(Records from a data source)
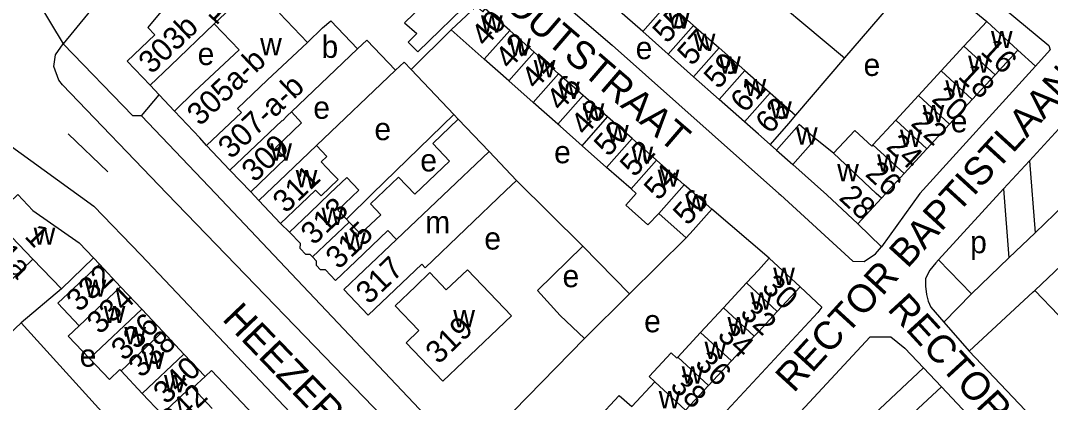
# Model space of a CAD drawing. Extents: x 161258 to 163262, y 380749 to 382054.
# Drawn here: x 162868.3 to 163052.1, y 381462.7 to 381530.8 of the extents above; entities that cross this region are included whole.
import ezdxf

# ---------------------------------------------------------------- set-up
doc = ezdxf.new("R2010")
doc.units = 0
for name, color, linetype in [('BLT_Basislijn', 7, 'Continuous'), ('BLT_Bebouwing', 7, 'Continuous'), ('BLT_Centroide', 7, 'Continuous'), ('BLT_Huisnummer', 7, 'Continuous'), ('BLT_Huisnummer_ tussenligend', 7, 'Continuous'), ('BLT_Huisnummer_reeks', 7, 'Continuous'), ('BLT_Onderverdeling_panden', 7, 'Continuous'), ('BLT_Straatnaam', 7, 'Continuous'), ('BLT_Vlakafsluiter', 7, 'Continuous')]:
    doc.layers.add(name, color=color, linetype=linetype)

msp = doc.modelspace()

# ---------------------------------------------------------------- linework, layer by layer
at = {"layer": 'BLT_Basislijn'}
for p, q in [((162895.92, 381551.25), (162875.83, 381526.71)), ((163024.68, 381535.05), (163015.39, 381524.18)), ((163035.04, 381535.44), (163040.75, 381530.7)), ((163015.39, 381524.18), (163006.64, 381513.95)), ((163049.44, 381522.72), (163046.3, 381525.6)), ((162921.07, 381508.55), (162935.2, 381522.03)), ((162893.02, 381517.61), (162891.39, 381519.35)), ((162889.86, 381513.88), (162893.02, 381517.61)), ((162895.75, 381514.66), (162893.02, 381517.61)), ((162946.4, 381513.25), (162945.59, 381514.11)), ((163053.63, 381511.53), (163048.39, 381505.82)), ((162876.74, 381510.66), (162883.85, 381503.87)), ((163067.69, 381510.57), (163049.4, 381493)), ((163003.24, 381507.71), (163002.07, 381508.76)), ((163048.39, 381505.82), (163043.77, 381500.8)), ((163048.39, 381505.82), (163049.4, 381493)), ((162968.64, 381490.6), (162956.8, 381502.33)), ((162909.35, 381500.28), (162910.78, 381498.74)), ((163043.77, 381500.8), (163032.16, 381488.17)), ((163043.77, 381500.8), (163044.73, 381488.52)), ((163001.94, 381488.43), (162991.66, 381497.22)), ((162916.28, 381493.11), (162914.69, 381494.64)), ((163021.97, 381490.49), (163017.75, 381494.6)), ((163049.4, 381493), (163044.73, 381488.52)), ((162976.98, 381482.08), (162987.12, 381492.09)), ((162968.64, 381490.6), (162976.98, 381482.08)), ((162881.3, 381488.49), (162882.35, 381487.37)), ((163032.16, 381488.17), (163031.67, 381487.64)), ((163032.16, 381488.17), (163038.04, 381482.1)), ((163044.73, 381488.52), (163038.04, 381482.1)), ((163049.32, 381482.68), (163054.05, 381487.16)), ((162875.54, 381482.96), (162868.34, 381476.9)), ((162968.92, 381474.14), (162976.98, 381482.08)), ((163038.04, 381482.1), (163033.07, 381477.02)), ((163053.59, 381478.28), (163049.32, 381482.68)), ((163030.8, 381479.74), (163033.07, 381477.02)), ((162868.34, 381476.9), (162887.92, 381455.42)), ((163033.07, 381477.02), (163037.63, 381471.89)), ((162981.27, 381432.92), (163019.94, 381474.4)), ((162968.92, 381474.14), (162952.2, 381457.05)), ((163029.47, 381468.86), (163032.66, 381465.51)), ((163003.34, 381438.36), (163032.66, 381465.51)), ((163032.66, 381465.51), (163047.6, 381449.79))]:
    msp.add_line(p, q, dxfattribs=at)
for points in [[(162944.72, 381609.34), (162946.07, 381610.82), (162947.99, 381611.88), (162948.82, 381611.97), (162950.63, 381611.39), (162950.79, 381611.07), (162957.1, 381606.01), (162961.96, 381601.6), (163026.21, 381547.71), (163051.87, 381526.38), (163052.07, 381525.64), (163049.44, 381522.72)], [(162960.26, 381571.07), (162974.82, 381558.53), (162994.78, 381541.72), (162997.57, 381539.11), (163015.39, 381524.18)], [(162943.6, 381552.94), (162950.87, 381546.87), (162957.39, 381540.62), (162973.86, 381526.45), (163003.62, 381500.02), (163003.93, 381499.74), (163016.85, 381487.94), (163018.85, 381487.86), (163020.89, 381489.24), (163021.97, 381490.49)], [(162938.02, 381522.12), (162945.11, 381529.21)], [(162960.18, 381431.55), (162951.7, 381440.3), (162934.79, 381458.21), (162894.35, 381500), (162875.72, 381519.36), (162875.08, 381520.24), (162874.2, 381522.63), (162874.48, 381524.75), (162875.83, 381526.71)], [(162889.86, 381513.88), (162888.31, 381513.84), (162875.83, 381526.71)], [(162935.2, 381522.03), (162930.05, 381527.36), (162928.43, 381525.82)], [(162935.2, 381522.03), (162936.73, 381523.41), (162938.02, 381522.12)], [(162945.59, 381514.11), (162938.02, 381522.12)], [(163049.44, 381522.72), (163028.84, 381500), (163021.97, 381490.49)], [(162947.79, 381452.69), (162903.07, 381500), (162889.86, 381513.88)], [(162926.44, 381495.42), (162931.09, 381500), (162945.59, 381514.11)], [(162863.18, 381507.79), (162864.75, 381508.84), (162865.97, 381508.87), (162881.31, 381497.75)], [(162881.31, 381497.75), (162889.71, 381489.05), (162960.14, 381414.78)], [(162968.64, 381490.6), (162960.53, 381482.71), (162964.62, 381478.2), (162968.92, 381474.14)], [(163031.67, 381487.64), (163030.58, 381486.31), (163029.82, 381484.82), (163029.82, 381483.46), (163030.02, 381482), (163030.28, 381480.81), (163030.8, 381479.74)], [(163007.42, 381483.36), (163011.32, 381479.7), (163010.63, 381478.79), (162970.35, 381435.48)], [(163037.63, 381471.89), (163049.05, 381482.42), (163049.32, 381482.68)], [(162818.14, 381437.82), (162830.11, 381449.08), (162834.18, 381444.76), (162868.34, 381476.9)], [(163019.94, 381474.4), (163023.65, 381474.4), (163026.11, 381472.4), (163029.47, 381468.86)], [(163076.04, 381437.02), (163073.3, 381434.35), (163037.63, 381471.89)], [(162981.27, 381432.92), (162985.55, 381428.37), (162986.82, 381428.43), (162994.34, 381435.96), (163029.47, 381468.86)], [(162937.87, 381428.43), (162939.15, 381429.64), (162902.37, 381468.44), (162901.21, 381467.34)]]:
    msp.add_lwpolyline(points, dxfattribs=at)
at = {"layer": 'BLT_Bebouwing'}
for p, q in [((162983.88, 381534.02), (162988.43, 381530)), ((162914.51, 381532.18), (162919.47, 381526.94)), ((162955.59, 381529.09), (162951.22, 381532.95)), ((162979.33, 381528.88), (162974.78, 381532.9)), ((162919.47, 381526.94), (162922.16, 381529.56)), ((162988.43, 381530), (162992.99, 381525.98)), ((163040.75, 381530.7), (163036.69, 381526.3)), ((163046.3, 381525.6), (163040.75, 381530.7)), ((162951.05, 381523.96), (162945.11, 381529.21)), ((162959.95, 381525.23), (162955.59, 381529.09)), ((162983.88, 381524.85), (162979.33, 381528.88)), ((162916.6, 381514.57), (162928.43, 381525.82)), ((162992.99, 381525.98), (162997.54, 381521.97)), ((163036.69, 381526.3), (163032.63, 381521.89)), ((162955.42, 381520.1), (162951.05, 381523.96)), ((162964.32, 381521.37), (162959.95, 381525.23)), ((162988.42, 381520.83), (162983.88, 381524.85)), ((163042.24, 381521.18), (163046.3, 381525.6)), ((162968.69, 381517.51), (162964.32, 381521.37)), ((162992.97, 381516.8), (162988.42, 381520.83)), ((162997.54, 381521.97), (163002.1, 381517.95)), ((163032.63, 381521.89), (163028.57, 381517.49)), ((163038.18, 381516.78), (163042.24, 381521.18)), ((162959.79, 381516.24), (162955.42, 381520.1)), ((162973.06, 381513.65), (162968.69, 381517.51)), ((162997.52, 381512.78), (162992.97, 381516.8)), ((163002.1, 381517.95), (163006.64, 381513.95)), ((163028.57, 381517.49), (163024.51, 381513.08)), ((163034.12, 381512.37), (163038.18, 381516.78)), ((162964.16, 381512.38), (162959.79, 381516.24)), ((162916.6, 381514.57), (162918.41, 381512.63)), ((162946.4, 381513.25), (162951.89, 381507.48)), ((162977.43, 381509.79), (162973.06, 381513.65)), ((163024.51, 381513.08), (163020.45, 381508.68)), ((162964.58, 381512.01), (162964.16, 381512.38)), ((162968.52, 381508.52), (162964.58, 381512.01)), ((163000, 381510.58), (162997.52, 381512.78)), ((163030.07, 381507.96), (163034.12, 381512.37)), ((162981.79, 381505.93), (162977.43, 381509.79)), ((163002.07, 381508.76), (163000, 381510.58)), ((163013.42, 381507.17), (163010.17, 381509.76)), ((162901.47, 381508.55), (162905.64, 381504.17)), ((162972.89, 381504.66), (162968.52, 381508.52)), ((163003.24, 381507.71), (163006.11, 381505.15)), ((163026.01, 381503.55), (163030.07, 381507.96)), ((162986.73, 381501.57), (162981.79, 381505.93)), ((162905.64, 381504.17), (162909.35, 381500.28)), ((162977.26, 381500.8), (162972.89, 381504.66)), ((163006.11, 381505.15), (163012.2, 381499.73)), ((162914.69, 381494.64), (162910.78, 381498.74)), ((163012.2, 381499.73), (163017.75, 381494.6)), ((163021.96, 381499.15), (163017.75, 381494.6)), ((162987.12, 381492.09), (162982.2, 381496.44)), ((162926.44, 381495.42), (162926.94, 381494.9)), ((162866.55, 381484.52), (162870.45, 381488.26)), ((162875.54, 381482.96), (162870.45, 381488.26)), ((162881.3, 381488.49), (162875.54, 381482.96)), ((162882.35, 381487.37), (162886.12, 381483.36)), ((163000, 381486.33), (163001.94, 381488.43)), ((163001.94, 381488.43), (163007.42, 381483.36)), ((162997.86, 381484.03), (163000, 381486.33)), ((162993.77, 381479.62), (162997.86, 381484.03)), ((162886.12, 381483.36), (162889.89, 381479.36)), ((162930.33, 381478.28), (162925.96, 381482.86)), ((163007.42, 381483.36), (163003.34, 381478.95)), ((162889.89, 381479.36), (162893.66, 381475.35)), ((162989.68, 381475.21), (162993.77, 381479.62)), ((163003.34, 381478.95), (163000, 381475.34)), ((162893.66, 381475.35), (162897.43, 381471.35)), ((162937.11, 381473.36), (162939.38, 381475.53)), ((162985.6, 381470.8), (162989.68, 381475.21)), ((162999.26, 381474.54), (162995.17, 381470.13)), ((163000, 381475.34), (162999.26, 381474.54)), ((162897.43, 381471.35), (162901.21, 381467.34)), ((162995.17, 381470.13), (162991.08, 381465.72)), ((162886.21, 381468.34), (162889.98, 381464.32)), ((162901.21, 381467.34), (162899.03, 381465.29)), ((162899.03, 381465.29), (162902.46, 381461.65)), ((162977.42, 381461.99), (162981.51, 381466.39)), ((162991.08, 381465.72), (162987, 381461.31)), ((162893.45, 381460.61), (162889.98, 381464.32))]:
    msp.add_line(p, q, dxfattribs=at)
for points in [[(162945.08, 381538.5), (162936.81, 381530.43), (162938.99, 381528.52), (162937.46, 381527.03), (162939.16, 381525.28), (162949.1, 381534.98)], [(162893.88, 381533.1), (162890.96, 381529.62), (162892.21, 381528.32), (162887.3, 381523.64), (162891.39, 381519.35)], [(162945.11, 381529.21), (162949.64, 381533.43), (162950.77, 381532.44), (162951.22, 381532.95)], [(162891.39, 381519.35), (162895.01, 381522.8), (162902.83, 381530.27)], [(162895.75, 381514.66), (162899.33, 381518.17), (162907.26, 381525.64), (162902.83, 381530.27)], [(162922.16, 381529.56), (162923.63, 381530.82), (162928.43, 381525.82)], [(162901.47, 381508.55), (162900.27, 381509.93), (162895.75, 381514.66)], [(162932.58, 381496.21), (162930.73, 381498.15), (162935.74, 381502.9), (162938.65, 381499.85), (162944.86, 381505.74), (162941.84, 381508.89), (162946.4, 381513.25)], [(163006.64, 381513.95), (163005.38, 381512.51), (163002.07, 381508.76)], [(162909.35, 381500.28), (162915.58, 381506.22), (162913.74, 381508.16), (162918.41, 381512.63)], [(163010.17, 381509.76), (163007.29, 381512.3), (163003.24, 381507.71)], [(163020.45, 381508.68), (163020.23, 381508.44), (163017.18, 381511.25), (163013.42, 381507.17)], [(162910.78, 381498.74), (162912.1, 381500), (162914.4, 381502.19), (162921.07, 381508.55)], [(162921.07, 381508.55), (162922.92, 381506.61), (162921.91, 381505.66), (162923.97, 381503.5), (162924.95, 381502.48), (162921.9, 381499.57), (162920.94, 381500.6), (162918.31, 381498.09), (162914.69, 381494.64)], [(162951.89, 381507.48), (162956.8, 381502.33)], [(162916.28, 381493.11), (162919.9, 381496.56), (162923.5, 381500), (162925.57, 381501.98), (162926.49, 381502.85), (162928.64, 381500.6), (162924.9, 381497.04), (162926.44, 381495.42)], [(162956.8, 381502.33), (162954.92, 381500.53), (162940.5, 381486.76)], [(163026.01, 381503.55), (163022.74, 381500), (163021.96, 381499.15)], [(162982.2, 381496.44), (162980.26, 381494.4), (162976.3, 381497.89), (162978.17, 381500), (162977.26, 381500.8)], [(162991.66, 381497.22), (162988.51, 381500), (162986.73, 381501.57)], [(162863.36, 381495.66), (162867.77, 381499.82), (162870.45, 381496.97), (162878.7, 381491.19), (162881.3, 381488.49)], [(162991.66, 381497.22), (162988.35, 381493.47), (162987.12, 381492.09)], [(162926.94, 381494.9), (162928.97, 381492.77), (162932.58, 381496.21)], [(162920.4, 381488.67), (162919.98, 381489.11), (162919.21, 381489.13), (162918.19, 381490.2), (162918.21, 381491.09), (162916.28, 381493.11)], [(162935.37, 381491.8), (162933.84, 381493.4), (162928.12, 381487.93), (162924.5, 381484.48)], [(162925.96, 381482.86), (162929.58, 381486.31), (162935.37, 381491.8)], [(162882.35, 381487.37), (162874.91, 381480.4), (162878.69, 381476.37), (162878.69, 381476.37)], [(162924.5, 381484.48), (162922.71, 381486.36), (162921.8, 381486.38), (162921.09, 381487.13), (162921.1, 381487.93), (162920.4, 381488.67)], [(162940.5, 381486.76), (162939.89, 381487.41), (162930.33, 381478.28)], [(162939.38, 381475.53), (162935.13, 381479.97), (162938.75, 381483.43), (162941.33, 381485.89), (162944.27, 381482.81)], [(162944.27, 381482.81), (162948.03, 381486.39), (162955.89, 381478.16), (162947.27, 381469.94), (162943.66, 381466.49), (162937.11, 381473.36)], [(162878.69, 381476.37), (162876.77, 381474.56), (162880.55, 381470.56)], [(162981.51, 381466.39), (162980.48, 381467.33), (162984.43, 381471.58), (162985.44, 381470.64), (162985.6, 381470.8)], [(162880.55, 381470.56), (162884.12, 381466.83), (162885.99, 381468.58), (162886.21, 381468.34)], [(162973.33, 381457.58), (162971.17, 381459.67), (162975.16, 381463.97), (162977.42, 381461.99)]]:
    msp.add_lwpolyline(points, dxfattribs=at)
at = {"layer": 'BLT_Onderverdeling_panden'}
for p, q in [((162909.82, 381536.92), (162902.83, 381530.27)), ((162979.33, 381528.88), (162983.88, 381534.02)), ((162983.88, 381524.85), (162988.43, 381530)), ((162951.05, 381523.96), (162955.59, 381529.09)), ((162988.42, 381520.83), (162992.99, 381525.98)), ((163042.24, 381521.18), (163036.69, 381526.3)), ((162955.42, 381520.1), (162959.95, 381525.23)), ((162959.79, 381516.24), (162964.32, 381521.37)), ((162992.97, 381516.8), (162997.54, 381521.97)), ((163038.18, 381516.78), (163032.63, 381521.89)), ((162964.16, 381512.38), (162968.69, 381517.51)), ((162997.52, 381512.78), (163002.1, 381517.95)), ((163034.12, 381512.37), (163028.57, 381517.49)), ((162968.52, 381508.52), (162973.06, 381513.65)), ((163030.07, 381507.96), (163024.51, 381513.08)), ((162972.89, 381504.66), (162977.43, 381509.79)), ((163010.17, 381509.76), (163006.11, 381505.15)), ((162935.37, 381491.8), (162951.89, 381507.48)), ((163026.01, 381503.55), (163020.45, 381508.68)), ((162977.26, 381500.8), (162981.79, 381505.93)), ((163021.04, 381500), (163013.42, 381507.17)), ((162982.2, 381496.44), (162986.73, 381501.57)), ((163021.96, 381499.15), (163021.04, 381500)), ((162870.45, 381488.26), (162863.36, 381495.66)), ((162926.94, 381494.9), (162920.4, 381488.67)), ((163003.34, 381478.95), (162997.86, 381484.03)), ((162878.69, 381476.37), (162886.12, 381483.36)), ((162889.89, 381479.36), (162880.55, 381470.56)), ((162999.26, 381474.54), (162993.77, 381479.62)), ((162886.21, 381468.34), (162893.66, 381475.35)), ((162995.17, 381470.13), (162989.68, 381475.21)), ((162897.43, 381471.35), (162889.98, 381464.32)), ((162991.08, 381465.72), (162985.6, 381470.8)), ((162987, 381461.31), (162981.51, 381466.39))]:
    msp.add_line(p, q, dxfattribs=at)
for points in [[(162919.47, 381526.94), (162912.28, 381520.22), (162907, 381515.18), (162907.68, 381514.47), (162901.47, 381508.55)], [(162905.64, 381504.17), (162914.97, 381513.01), (162915, 381512.98), (162915.91, 381513.9), (162916.6, 381514.57)], [(162893.45, 381460.61), (162898.75, 381465.58), (162898.75, 381465.58), (162899.03, 381465.29)]]:
    msp.add_lwpolyline(points, dxfattribs=at)
at = {"layer": 'BLT_Vlakafsluiter'}
msp.add_line((162871.35, 381534.22), (162875.83, 381526.71), dxfattribs=at)

# ---------------------------------------------------------------- texts
at = {"layer": 'BLT_Centroide'}
for s, p in [('w', (162950.46, 381528.69)), ('w', (162983.88, 381529.42)), ('w', (162911.03, 381524.65)), ('b', (162921.99, 381524.2)), ('w', (162955.5, 381524.59)), ('w', (162988.44, 381525.42)), ('w', (163041.51, 381525.94)), ('e', (162899.87, 381522.92)), ('e', (162978.08, 381523.98)), ('w', (162992.98, 381521.39)), ('e', (163018.77, 381520.97)), ('w', (163037.44, 381521.53)), ('w', (162959.88, 381520.73)), ('w', (162997.53, 381517.38)), ('w', (162964.23, 381516.88)), ('w', (163033.38, 381517.12)), ('e', (162920.52, 381513.33)), ('w', (162968.61, 381513.02)), ('w', (163002.08, 381513.36)), ('w', (163029.32, 381512.72)), ('e', (163034.34, 381510.91)), ('e', (162931.43, 381509.52)), ('w', (162972.97, 381509.16)), ('w', (163006.7, 381508.73)), ('w', (163025.27, 381508.31)), ('w', (162912.85, 381505.88)), ('e', (162963.52, 381505.39)), ('w', (162977.34, 381505.3)), ('e', (162939.62, 381503.94)), ('w', (163021.2, 381503.91)), ('w', (162917.38, 381501.12)), ('w', (162982, 381501.19)), ('w', (163014.06, 381502.19)), ('w', (162986.92, 381496.83)), ('w', (162922, 381494.38)), ('m', (162940.5, 381492.88)), ('w', (162870.59, 381490.84)), ('w', (162926.03, 381490)), ('e', (162951.05, 381489.99)), ('p', (163037.8, 381489.34)), ('e', (162965.02, 381483.27)), ('w', (163002.64, 381483.69)), ('w', (162879.7, 381481.56)), ('w', (162998.56, 381479.28)), ('w', (162883.1, 381476.87)), ('w', (162945.52, 381476.12)), ('e', (162979.59, 381475.23)), ('w', (162994.47, 381474.88)), ('w', (162886.78, 381473.09)), ('w', (162990.38, 381470.47)), ('e', (162878.81, 381469.09)), ('w', (162890.09, 381468.67)), ('w', (162986.3, 381466.06)), ('w', (162893.86, 381464.53)), ('w', (162982.2, 381461.66))]:
    msp.add_text(s, height=4, dxfattribs=at).set_placement(p)
at = {"layer": 'BLT_Huisnummer'}
for s, rotation, p in [('40', 48.5361, (162951.3, 381525.99)), ('57', 48.4908, (162988.12, 381522.61)), ('16', 317.3258, (163039.46, 381525.15)), ('44', 48.5354, (162960.28, 381518.39)), ('20', 317.3241, (163030.74, 381516.63)), ('48', 48.5354, (162969.09, 381510.13)), ('63', 48.5986, (163002.09, 381510.44)), ('309', 43.655, (162910.05, 381501.83)), ('52', 48.5348, (162977.88, 381502.75)), ('24', 317.3262, (163022.63, 381508.14)), ('56', 48.5359, (162987.38, 381494.12)), ('28', 317.288, (163014.19, 381499.04)), ('313', 43.6712, (162920.61, 381490.62)), ('1', 313.6052, (162868.8, 381492.24)), ('1a', 313.6052, (162863.61, 381488.8)), ('332', 43.6052, (162878.74, 381478.69)), ('317', 43.6759, (162930.45, 381480.06)), ('30', 317.1882, (163000.38, 381483.04)), ('334', 43.6052, (162882.41, 381474.69)), ('319', 43.6682, (162942.89, 381469.38)), ('34', 317.1857, (162992.48, 381474.45)), ('338', 43.6052, (162889.82, 381466.95)), ('38', 317.1884, (162984.03, 381465.42)), ('342', 43.6052, (162895.47, 381457.37))]:
    msp.add_text(s, height=4, rotation=rotation, dxfattribs=at).set_placement(p)
at = {"layer": 'BLT_Huisnummer_ tussenligend'}
for s, rotation, p in [('55', 48.4966, (162983.7, 381526.6)), ('42', 48.5361, (162955.61, 381521.97)), ('59', 48.4908, (162992.86, 381518.46)), ('18', 317.3258, (163035.45, 381520.7)), ('46', 48.5354, (162964.73, 381514.51)), ('61', 48.4908, (162997.61, 381514.21)), ('50', 48.5354, (162973.24, 381506.39)), ('22', 317.3241, (163027.02, 381512.31)), ('26', 317.3262, (163018.9, 381503.26)), ('311', 43.655, (162915.61, 381496.32)), ('54', 48.5348, (162982.17, 381498.58)), ('315', 43.6712, (162925.06, 381486.31)), ('32', 317.1882, (162996.52, 381478.44)), ('336', 43.6052, (162886.75, 381469.97)), ('340', 43.6052, (162894.27, 381462.22)), ('36', 317.1857, (162988.46, 381469.42))]:
    msp.add_text(s, height=4, rotation=rotation, dxfattribs=at).set_placement(p)
at = {"layer": 'BLT_Huisnummer_reeks'}
for s, rotation, p in [('101', 317.7701, (162897.07, 381535.99)), ('303b', 43.655, (162891.64, 381521.16)), ('305a-b', 43.655, (162900.3, 381511.89)), ('307-a-b', 43.655, (162905.85, 381506))]:
    msp.add_text(s, height=4, rotation=rotation, dxfattribs=at).set_placement(p)
at = {"layer": 'BLT_Straatnaam'}
for s, height, rotation, p in [('ST ROMBOUTSTRAAT', 4.9999, 319.3295, (162931.22, 381553.34)), ('RECTOR BAPTISTLAAN', 5, 47.5531, (163006.29, 381464.28)), ('RECTOR BAPTISTLAAN', 5, 312.5531, (163022.85, 381479.28)), ('HEEZERWEG', 5, 313.8884, (162904.07, 381477.49))]:
    msp.add_text(s, height=height, rotation=rotation, dxfattribs=at).set_placement(p)

doc.saveas('drawing.dxf')

**Problem requirements**
Print, exactly as written, the lines above from the first one to the one containing "import ezdxf". Leave out pictures.

**Response to the exercise**
# Model space of a CAD drawing. Extents: x 161258 to 163262, y 380749 to 382054.
# Drawn here: x 162868.3 to 163052.1, y 381462.7 to 381530.8 of the extents above; entities that cross this region are included whole.
import ezdxf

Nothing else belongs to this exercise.